O R4 tinha a mesma aparência externa de um Dróide R2 ou R3 de seu pescoço para baixo, mas para economizar dinheiro em sua produção, itens como a tela de exibição de vídeo e o pequeno extintor de incêndio foram retirados. A unidade de projetor/gravador holográfico foi mantida, mas transferida para cima de sua cabeça adomada deixando que a unidade ficasse mais barata e pouco miniaturizada com um eixo de rotação menor. O computador Intelléx VI do dróide era avançado, mas era adequado para projetos com repulsão comuns e as especificações de transportes espaciais disponíveis no mercado. O cérebro de computador era projetado com mais espaço entre os componentes, reduzindo os custos de produção, mas ele precisava de uma cúpula de cabeça maior, e desta mesma forma ele eliminava muitos dos indicadores de função e engenhocas encontradas em outras cabeças adomadas da Série-R. O R4 era inadequado para a tarefa de Astromecânico em um Caça Estrelar; ele apenas conseguia se lembrar das coordenadas de um único salto no hiperespaço em sua memória astrográfica, uma viagem apenas de ida para qualquer piloto de caça.
Estes dróides eram duros, conseguindo encolher os ombros para se livraram de golpes e tendo uma cavidade comum para um ambiente de oficina operando tão bem, ou melhor, do que outros dróides da Série-R. O AI ficou agraciado ao descobrir que, com verificações de manutenção regulares, o R4 superava seus parâmetros de projeto de vida operacional, tempo de resistência, estabilidade, personalidade e o tempo decorrido entre as suas sessões de recarga.
Devido à sua maior durabilidade, R4s eram os dróides preferenciais "Mecâ" usados pelos Jedi. Considerando a natureza interestrelar de seu trabalho, contudo, a maioria dos dróides R4 adquiridos por Jedi eram modificados para incluir a cabeça estilosa mais cara do R2. Isto dava aos R4 muitas das melhores características da Série-R2. Muitos destes dróides eram modificados pelos mecânicos no Templo Jedi para interagirem permanentemente com o Interceptador Leve Delta-7 Classe-Jarro de Éter, até que os Jedi o transferiram para o Delta-7B e o Interceptador Leve Eta-2 Classe-Atos. Ainda assim, os pilotos conservaram as unidades R4 no Interceptador Eta 2.

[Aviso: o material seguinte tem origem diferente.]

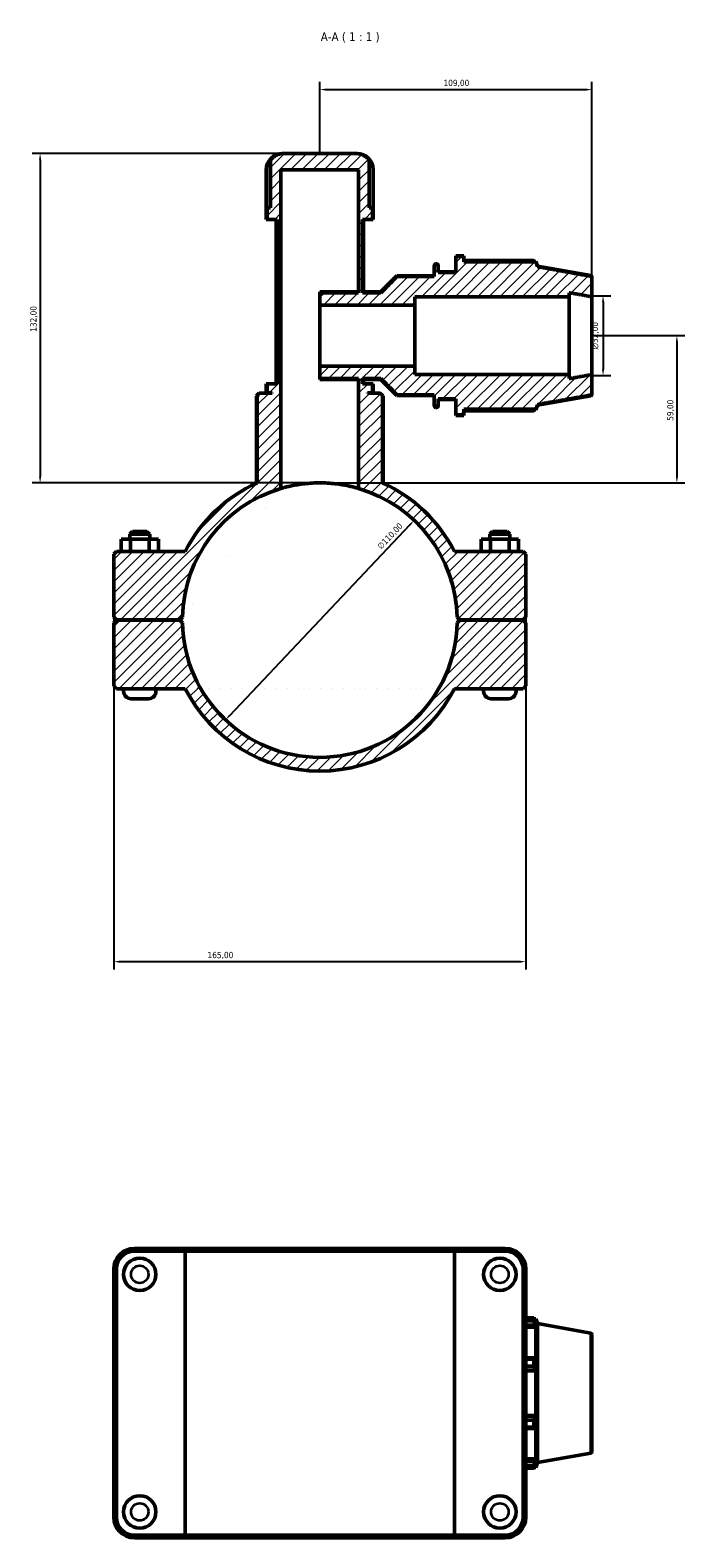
# Model space of a CAD drawing. Header units: millimetres. Extents: x 0 to 904, y -25 to 1297.
# Tile 6 of 6: x 297 to 559, y 693 to 1297. Entities that reach past the tile are written whole.
import ezdxf

# ---------------------------------------------------------------- set-up
doc = ezdxf.new("R2010")
doc.units = ezdxf.units.MM
for name, color, linetype, lineweight in [('Dimension (ISO)', 7, 'Continuous', 25), ('Hatch (ISO)', 7, 'Continuous', 18), ('Symbol (ISO)', 7, 'Continuous', 25), ('Visible (ISO)', 7, 'Continuous', 50), ('Visible Narrow (ISO)', 7, 'Continuous', 35)]:
    doc.layers.add(name, color=color, linetype=linetype, lineweight=lineweight)
doc.styles.add('Label Text (ISO)', font='tahoma.ttf')
doc.styles.add('Note Text (ISO)', font='tahoma.ttf')
doc.dimstyles.new('Default (ISO)', dxfattribs={"dimtxt": 2.5, "dimasz": 2.5, "dimexe": 3.175, "dimexo": 0, "dimgap": 0.762, "dimtad": 1, "dimrnd": 1e-08, "dimzin": 0, "dimtxsty": 'Note Text (ISO)', "dimcen": 0.09, "dimdle": 10, "dimclrd": 256, "dimclre": 256, "dimclrt": 256, "dimazin": 0, "dimtfac": 1.40208, "dimtmove": 0, "dimatfit": 3, "dimfxl": 1, "dimtolj": 1, "dimtzin": 0, "dimlwd": -1, "dimlwe": -1, "dimarcsym": 0})

# ---------------------------------------------------------------- blocks, each defined once
blk = doc.blocks.new('*D7')
at = {"layer": 'Defpoints', "color": 0, "transparency": 16777216}
for p in [(398.93, 1247.79), (301.28, 1115.79), (413.3, 1115.79)]:
    blk.add_point(p, dxfattribs=at)
at = {"layer": 'Dimension (ISO)', "transparency": 16777216}
for p, q in [((398.93, 1247.79), (298.11, 1247.79)), ((301.28, 1245.29), (301.28, 1118.29)), ((413.3, 1115.79), (298.11, 1115.79))]:
    blk.add_line(p, q, dxfattribs=at)
for points in [[(300.86, 1245.29), (301.7, 1245.29), (301.28, 1247.79)], [(300.86, 1118.29), (301.7, 1118.29), (301.28, 1115.79)]]:
    blk.add_solid(points, dxfattribs=at)
at = {"layer": 'Dimension (ISO)', "color": 232, "true_color": 0xca0064, "transparency": 16777216, "insert": (297.35, 1176.34), "char_height": 2.5, "attachment_point": 1, "rotation": 90, "style": 'Note Text (ISO)'}
blk.add_mtext('\\A1;132,00', dxfattribs=at)
blk = doc.blocks.new('*D8')
at = {"layer": 'Defpoints', "color": 0, "transparency": 16777216}
for p in [(522.28, 1190.79), (522.28, 1158.79), (526.71, 1158.79)]:
    blk.add_point(p, dxfattribs=at)
at = {"layer": 'Dimension (ISO)', "transparency": 16777216}
for p, q in [((522.28, 1190.79), (529.88, 1190.79)), ((526.71, 1188.29), (526.71, 1161.29)), ((522.28, 1158.79), (529.88, 1158.79))]:
    blk.add_line(p, q, dxfattribs=at)
for points in [[(526.29, 1188.29), (527.13, 1188.29), (526.71, 1190.79)], [(526.29, 1161.29), (527.13, 1161.29), (526.71, 1158.79)]]:
    blk.add_solid(points, dxfattribs=at)
at = {"layer": 'Dimension (ISO)', "color": 232, "true_color": 0xca0064, "transparency": 16777216, "insert": (522.19, 1169.24), "char_height": 2.5, "attachment_point": 1, "rotation": 90, "style": 'Note Text (ISO)'}
blk.add_mtext('\\A1;\\fAIGDT|b0|i0;\\H2.5000;\\ln\\fTahoma|b0|i0;\\H2.5000;32,00', dxfattribs=at)
blk = doc.blocks.new('*D9')
at = {"layer": 'Defpoints', "color": 0, "transparency": 16777216}
for p in [(451.05, 1100.77), (375.51, 1020.82)]:
    blk.add_point(p, dxfattribs=at)
at = {"layer": 'Dimension (ISO)', "transparency": 16777216}
blk.add_line((377.23, 1022.63), (449.34, 1098.95), dxfattribs=at)
for points in [[(449.03, 1099.24), (449.64, 1098.67), (451.05, 1100.77)], [(376.92, 1022.92), (377.53, 1022.35), (375.51, 1020.82)]]:
    blk.add_solid(points, dxfattribs=at)
at = {"layer": 'Dimension (ISO)', "color": 232, "true_color": 0xca0064, "transparency": 16777216, "insert": (436.04, 1090.67), "char_height": 2.5, "attachment_point": 1, "rotation": 46.62502, "style": 'Note Text (ISO)'}
blk.add_mtext('\\A1;∅110,00', dxfattribs=at)
blk = doc.blocks.new('*D10')
at = {"layer": 'Defpoints', "color": 0, "transparency": 16777216}
for p in [(522.28, 1174.79), (413.3, 1115.79), (556.28, 1115.79)]:
    blk.add_point(p, dxfattribs=at)
at = {"layer": 'Dimension (ISO)', "transparency": 16777216}
for p, q in [((522.28, 1174.79), (559.46, 1174.79)), ((556.28, 1172.29), (556.28, 1118.29)), ((413.3, 1115.79), (559.46, 1115.79))]:
    blk.add_line(p, q, dxfattribs=at)
for points in [[(555.86, 1172.29), (556.7, 1172.29), (556.28, 1174.79)], [(555.86, 1118.29), (556.7, 1118.29), (556.28, 1115.79)]]:
    blk.add_solid(points, dxfattribs=at)
at = {"layer": 'Dimension (ISO)', "color": 232, "true_color": 0xca0064, "transparency": 16777216, "insert": (552.35, 1140.69), "char_height": 2.5, "attachment_point": 1, "rotation": 90, "style": 'Note Text (ISO)'}
blk.add_mtext('\\A1;59,00', dxfattribs=at)
blk = doc.blocks.new('*D11')
at = {"layer": 'Defpoints', "color": 0, "transparency": 16777216}
for p in [(522.28, 1273.4), (413.28, 1247.79), (522.28, 1190.79)]:
    blk.add_point(p, dxfattribs=at)
at = {"layer": 'Dimension (ISO)', "transparency": 16777216}
for p, q in [((413.28, 1247.79), (413.28, 1276.58)), ((522.28, 1190.79), (522.28, 1276.58)), ((415.78, 1273.4), (519.78, 1273.4))]:
    blk.add_line(p, q, dxfattribs=at)
for points in [[(415.78, 1273.82), (415.78, 1272.99), (413.28, 1273.4)], [(519.78, 1273.82), (519.78, 1272.99), (522.28, 1273.4)]]:
    blk.add_solid(points, dxfattribs=at)
at = {"layer": 'Dimension (ISO)', "color": 232, "true_color": 0xca0064, "transparency": 16777216, "insert": (462.83, 1277.34), "char_height": 2.5, "attachment_point": 1, "style": 'Note Text (ISO)'}
blk.add_mtext('\\A1;109,00', dxfattribs=at)
blk = doc.blocks.new('*D12')
at = {"layer": 'Defpoints', "color": 0, "transparency": 16777216}
for p in [(330.78, 1061.94), (495.78, 1061.94), (330.78, 923.89)]:
    blk.add_point(p, dxfattribs=at)
at = {"layer": 'Dimension (ISO)', "transparency": 16777216}
for p, q in [((330.78, 1061.94), (330.78, 920.72)), ((495.78, 1061.94), (495.78, 920.72)), ((493.28, 923.89), (333.28, 923.89))]:
    blk.add_line(p, q, dxfattribs=at)
for points in [[(333.28, 924.31), (333.28, 923.48), (330.78, 923.89)], [(493.28, 924.31), (493.28, 923.48), (495.78, 923.89)]]:
    blk.add_solid(points, dxfattribs=at)
at = {"layer": 'Dimension (ISO)', "color": 232, "true_color": 0xca0064, "transparency": 16777216, "insert": (368.33, 927.83), "char_height": 2.5, "attachment_point": 1, "style": 'Note Text (ISO)'}
blk.add_mtext('\\A1;165,00', dxfattribs=at)

msp = doc.modelspace()

# ---------------------------------------------------------------- hatches: boundary and pattern name
at = {"layer": 'Hatch (ISO)'}
h = msp.add_hatch(dxfattribs=at)
h.set_pattern_fill('ANSI31', color=256, scale=25.4, style=0)
h.set_pattern_definition([(45, (0, 0), (-2.245064, 2.245064), [])])
edge = h.paths.add_edge_path()
edge.add_ellipse((413.2812, 1060.7935), major_axis=(54.988, -1.1499), ratio=1, start_angle=182.3960435, end_angle=360)
edge.add_line((468.2692, 1059.6436), (469.3812, 1060.7435))
edge.add_line((469.3812, 1060.7435), (494.6812, 1060.7435))
edge.add_line((494.6812, 1060.7435), (495.7812, 1059.6435))
edge.add_line((495.7812, 1059.6435), (495.7812, 1034.3935))
edge.add_line((495.7812, 1034.3935), (494.6812, 1033.2935))
edge.add_line((494.6812, 1033.2935), (467.17, 1033.2935))
edge.add_ellipse((413.2812, 1060.7935), major_axis=(-53.8888, -27.5), ratio=1, start_angle=0, end_angle=125.9286164, ccw=False)
edge.add_line((359.3924, 1033.2935), (331.8812, 1033.2935))
edge.add_line((331.8812, 1033.2935), (330.7812, 1034.3935))
edge.add_line((330.7812, 1034.3935), (330.7812, 1059.6435))
edge.add_line((330.7812, 1059.6435), (331.8812, 1060.7435))
edge.add_line((331.8812, 1060.7435), (357.1812, 1060.7435))
edge.add_line((357.1812, 1060.7435), (358.2932, 1059.6436))
edge = h.paths.add_edge_path()
edge.add_spline(control_points=[(438.326, 1150.6935), (437.7573, 1151.256), (437.2134, 1151.7935)], knot_values=[0, 0, 0, 0.15645649, 0.15645649, 0.15645649], weights=[1, 1.00025231, 1], degree=2, periodic=0)
edge.add_line((437.2134, 1151.7935), (432.3996, 1151.7935))
edge.add_line((432.3996, 1151.7935), (432.3996, 1151.8935))
edge.add_line((432.3996, 1151.8935), (434.3802, 1151.8935))
edge.add_line((434.3802, 1151.8935), (434.3802, 1155.5269))
edge.add_line((434.3802, 1155.5269), (430.4114, 1155.5269))
edge.add_line((430.4114, 1155.5269), (430.4114, 1157.6634))
edge.add_line((430.4114, 1157.6634), (437.7096, 1157.6634))
edge.add_spline(control_points=[(437.7096, 1157.6634), (440.424, 1154.8858), (444.1812, 1151.0828)], knot_values=[0, 0, 0, 0.92295901, 0.92295901, 0.92295901], weights=[1, 1.0127961, 1], degree=2, periodic=0)
edge.add_line((444.1812, 1151.0828), (459.1241, 1151.0828))
edge.add_line((459.1241, 1151.0828), (459.1241, 1146.8797))
edge.add_spline(control_points=[(459.1241, 1146.8797), (459.1241, 1146.7999), (459.1426, 1146.7061), (459.2031, 1146.559), (459.2557, 1146.4795), (459.3673, 1146.3669), (459.4462, 1146.3137), (459.5923, 1146.2528), (459.6851, 1146.2342), (459.7641, 1146.2342)], knot_values=[-0.09519193, -0.09519193, -0.09519193, -0.09519193, -0.07127476, -0.07127476, -0.04746701, -0.04746701, -0.02368239, -0.02368239, 0, 0, 0, 0], degree=3, periodic=0)
edge.add_line((459.7641, 1146.2342), (460.0412, 1146.2342))
edge.add_spline(control_points=[(460.0412, 1146.2342), (460.12, 1146.2342), (460.2127, 1146.2527), (460.3584, 1146.3134), (460.4372, 1146.3663), (460.5491, 1146.4788), (460.6019, 1146.5583), (460.6626, 1146.7057), (460.6812, 1146.7998), (460.6812, 1146.8797)], knot_values=[0, 0, 0, 0, 0.02363104, 0.02363104, 0.04736373, 0.04736373, 0.07122281, 0.07122281, 0.09519192, 0.09519192, 0.09519192, 0.09519192], degree=3, periodic=0)
edge.add_line((460.6812, 1146.8797), (460.6812, 1149.4645))
edge.add_line((460.6812, 1149.4645), (467.7812, 1149.4645))
edge.add_line((467.7812, 1149.4645), (467.7812, 1143.0099))
edge.add_line((467.7812, 1143.0099), (470.9812, 1143.0099))
edge.add_line((470.9812, 1143.0099), (470.9812, 1145.2663))
edge.add_line((470.9812, 1145.2663), (499.7838, 1145.2663))
edge.add_spline(control_points=[(499.7838, 1145.2663), (500.1443, 1146.2646), (500.4812, 1147.1986)], knot_values=[0.23218884, 0.23218884, 0.23218884, 0.44534207, 0.44534207, 0.44534207], weights=[1.00122702, 1.00117672, 1], degree=2, periodic=0)
edge.add_spline(control_points=[(500.4812, 1147.1986), (511.901, 1149.2303), (521.7524, 1150.9884)], knot_values=[0, 0, 0, 2.1606117, 2.1606117, 2.1606117], weights=[1, 1.00267301, 1], degree=2, periodic=0)
edge.add_spline(control_points=[(521.7524, 1150.9884), (521.7989, 1150.9967), (521.845, 1151.0107), (521.9581, 1151.0579), (522.0369, 1151.111), (522.1489, 1151.2238), (522.2017, 1151.3036), (522.2626, 1151.4517), (522.2812, 1151.5462), (522.2812, 1151.6265)], knot_values=[0.01056887, 0.01056887, 0.01056887, 0.01056887, 0.02360292, 0.02360292, 0.04735156, 0.04735156, 0.07128254, 0.07128254, 0.09537403, 0.09537403, 0.09537403, 0.09537403], degree=3, periodic=0)
edge.add_line((522.2812, 1151.6265), (522.2812, 1159.2308))
edge.add_spline(control_points=[(522.2812, 1159.2308), (517.9672, 1158.4488), (513.1979, 1157.5884)], knot_values=[0, 0, 0, 0.92306232, 0.92306232, 0.92306232], weights=[1, 1.00119669, 1], degree=2, periodic=0)
edge.add_line((513.1979, 1157.5884), (513.1979, 1159.2308))
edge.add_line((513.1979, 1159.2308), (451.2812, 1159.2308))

Consumidores públicos deste mercado gostaram do R4, como fizeram os lutadores da liberdade da Aliança para a Restauração da República. Eles argumentavam que ninguém desconfiaria de uma grande compra de Dróides Agromecânicos, de modo que muitos deles se tornavam copilotos dos Caças Estrelares, assim como os R2. Baixo custo e conhecimentos sobre muitos veículos também eram muito observados por Rebeldes sem recursos, e logo as cabeças cônicas dos dróides eram vistas comuns em bases da Aliança e nos hangares Mon Calamari. Alguns R4s, equipados com sensores de falha magnética não-padrão, eram usados pelo Império Galáctico para detectarem falhas e fraquezas em campos de contenção atmosféricos em hangares tanto a bordo das Estrelas da Morte como dos Destróieres Estrelares.